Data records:
************
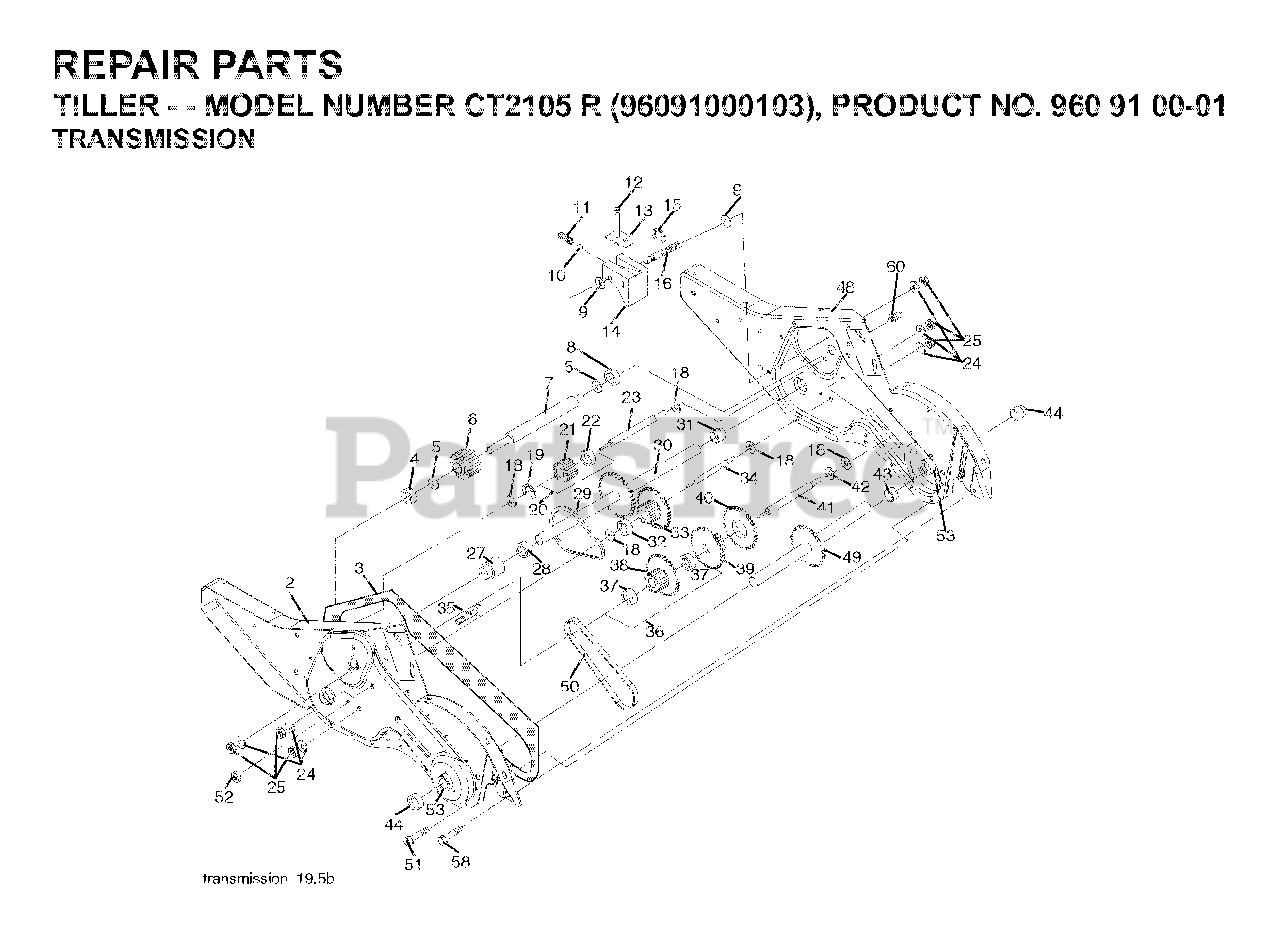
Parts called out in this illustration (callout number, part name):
1	TRANSMISSION ASM.
2	GEARCASE.ASM.CRT.LH.W/BEARING
3	GASKET
4	NEEDLE BRNG LT
5	THRUST WASHER
6	GEAR.PINION.INPUT
7	SHAFT.INPUT."D".TILLER
8	BEARING TI
9	WASHER, SEAL
10	STEEL BALL KIT
11	SPRING-SHIFT CRT
12	O-RING TI
13	SHIFTING ARM
14	SHIFT FORK TI
15	KLIP RING
16	SHAFT.SHIFTER.TILLER
19	KLIP RING
20	GEAR ASSY CRT
21	GEAR-REV IDLR CRT
22	NEEDLE BEARING TI
23	SHAFT CRT
24	LOCKWASHER
27	BEARING, SHAFT LH CRT
29	CHAIN CRT
30	GROUND SHAFT ASS'Y
31	BEARING, SHAFT RH CRT
32	SPACER TI
33	SPRCKT 8 GEAR CRT
34	SHAFT.SECONDARY.REDUCTION.CRT
35	SCRW WHIZ LOK CRT
36	SPROCKET ASS'Y W/BRG
37	BEARING
38	SPROCKET, TINE
39	GEAR TI
41	SHAFT.REDUCTION.TILLER
42	BRNG RACE T
43	SPACER TI
44	SEAL ASM, OIL
48	GEARCASE.ASM.CRT.RH.W/BEARING
49	TINE SHAFT
50	CHAIN.TILLER
51	SCREW
53	BEARING KIT
58	BOLT SHOULDER 1/4-20 UNC X.875
60	FITTING.GREASE.TAPERED
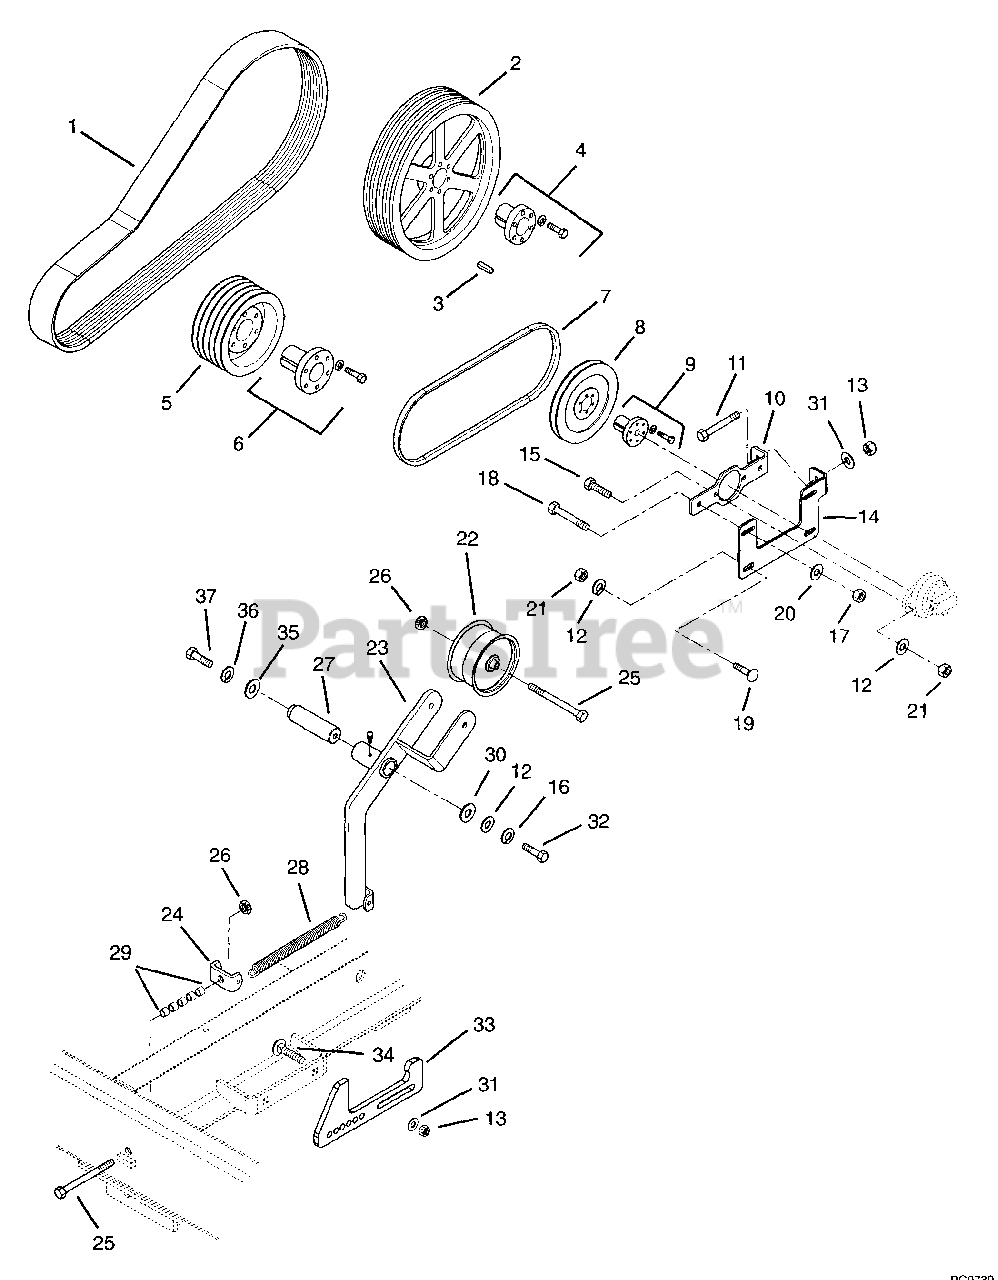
************
**Aim of the task:**
Once the pictures are set aside, reproduce the records in full and exactly.

**Exercise solution:**
Parts called out in this illustration (callout number, part name):
1	TRANSMISSION ASM.
2	GEARCASE.ASM.CRT.LH.W/BEARING
3	GASKET
4	NEEDLE BRNG LT
5	THRUST WASHER
6	GEAR.PINION.INPUT
7	SHAFT.INPUT."D".TILLER
8	BEARING TI
9	WASHER, SEAL
10	STEEL BALL KIT
11	SPRING-SHIFT CRT
12	O-RING TI
13	SHIFTING ARM
14	SHIFT FORK TI
15	KLIP RING
16	SHAFT.SHIFTER.TILLER
19	KLIP RING
20	GEAR ASSY CRT
21	GEAR-REV IDLR CRT
22	NEEDLE BEARING TI
23	SHAFT CRT
24	LOCKWASHER
27	BEARING, SHAFT LH CRT
29	CHAIN CRT
30	GROUND SHAFT ASS'Y
31	BEARING, SHAFT RH CRT
32	SPACER TI
33	SPRCKT 8 GEAR CRT
34	SHAFT.SECONDARY.REDUCTION.CRT
35	SCRW WHIZ LOK CRT
36	SPROCKET ASS'Y W/BRG
37	BEARING
38	SPROCKET, TINE
39	GEAR TI
41	SHAFT.REDUCTION.TILLER
42	BRNG RACE T
43	SPACER TI
44	SEAL ASM, OIL
48	GEARCASE.ASM.CRT.RH.W/BEARING
49	TINE SHAFT
50	CHAIN.TILLER
51	SCREW
53	BEARING KIT
58	BOLT SHOULDER 1/4-20 UNC X.875
60	FITTING.GREASE.TAPERED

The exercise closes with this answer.